ACTIVITY
In the entries that follow, the line with "#7741=CARTESIAN_POINT('',(1838.5,-598.5,750.));" opens the range and the line with "#7748=LINE('',#7745,#7747);" closes it; repeat that range exactly, both lines included.

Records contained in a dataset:
□ □ □ □
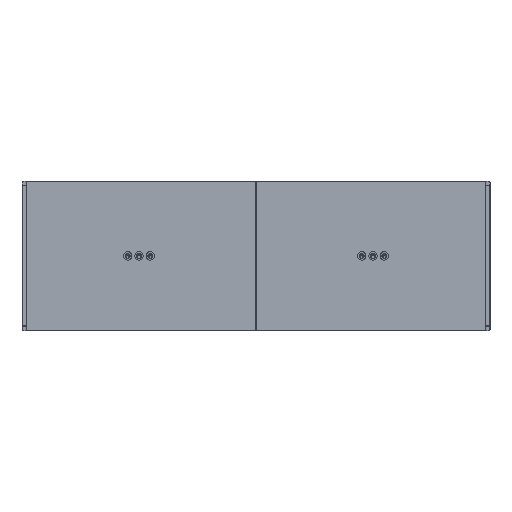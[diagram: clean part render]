
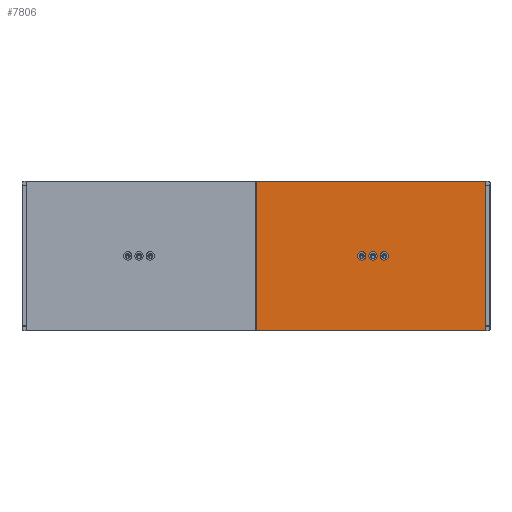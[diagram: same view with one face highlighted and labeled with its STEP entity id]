
A CAD part, top view. The second image highlights one B-rep face of the part: STEP entity #7806.
In plain terms, the highlighted planar face has unit normal (0, 0, 1).
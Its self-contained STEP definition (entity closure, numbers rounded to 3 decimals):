
#7741=CARTESIAN_POINT('',(1838.5,-598.5,750.));
#7742=VERTEX_POINT('',#7741);
#7743=CARTESIAN_POINT('',(1838.5,598.5,750.));
#7744=VERTEX_POINT('',#7743);
#7745=CARTESIAN_POINT('',(1838.5,-598.5,750.));
#7746=DIRECTION('',(0.,1.,0.));
#7747=VECTOR('',#7746,1197.);
#7748=LINE('',#7745,#7747);
#7749=EDGE_CURVE('',#7742,#7744,#7748,.T.);
#7776=CARTESIAN_POINT('',(920.25,0.,750.));
#7777=DIRECTION('',(-1.,0.,0.));
#7778=DIRECTION('',(0.,0.,1.));
#7779=AXIS2_PLACEMENT_3D('',#7776,#7778,#7777);
#7780=PLANE('',#7779);
#7781=ORIENTED_EDGE('',*,*,#7749,.T.);
#7782=CARTESIAN_POINT('',(2.,598.5,750.));
#7783=VERTEX_POINT('',#7782);
#7784=CARTESIAN_POINT('',(1838.5,598.5,750.));
#7785=DIRECTION('',(-1.,0.,0.));
#7786=VECTOR('',#7785,1836.5);
#7787=LINE('',#7784,#7786);
#7788=EDGE_CURVE('',#7744,#7783,#7787,.T.);
#7789=ORIENTED_EDGE('E572',*,*,#7788,.T.);
#7790=CARTESIAN_POINT('',(2.,-598.5,750.));
#7791=VERTEX_POINT('',#7790);
#7792=CARTESIAN_POINT('',(2.,598.5,750.));
#7793=DIRECTION('',(0.,-1.,0.));
#7794=VECTOR('',#7793,1197.);
#7795=LINE('',#7792,#7794);
#7796=EDGE_CURVE('',#7783,#7791,#7795,.T.);
#7797=ORIENTED_EDGE('E660',*,*,#7796,.T.);
#7798=CARTESIAN_POINT('',(2.,-598.5,750.));
#7799=DIRECTION('',(1.,0.,0.));
#7800=VECTOR('',#7799,1836.5);
#7801=LINE('',#7798,#7800);
#7802=EDGE_CURVE('',#7791,#7742,#7801,.T.);
#7803=ORIENTED_EDGE('E659',*,*,#7802,.T.);
#7804=EDGE_LOOP('',(#7781,#7789,#7797,#7803));
#7805=FACE_OUTER_BOUND('',#7804,.T.);
#7806=ADVANCED_FACE('F314',(#7805),#7780,.T.);
□ □ □ □
RESULT BELOW
#7741=CARTESIAN_POINT('',(1838.5,-598.5,750.));
#7742=VERTEX_POINT('',#7741);
#7743=CARTESIAN_POINT('',(1838.5,598.5,750.));
#7744=VERTEX_POINT('',#7743);
#7745=CARTESIAN_POINT('',(1838.5,-598.5,750.));
#7746=DIRECTION('',(0.,1.,0.));
#7747=VECTOR('',#7746,1197.);
#7748=LINE('',#7745,#7747);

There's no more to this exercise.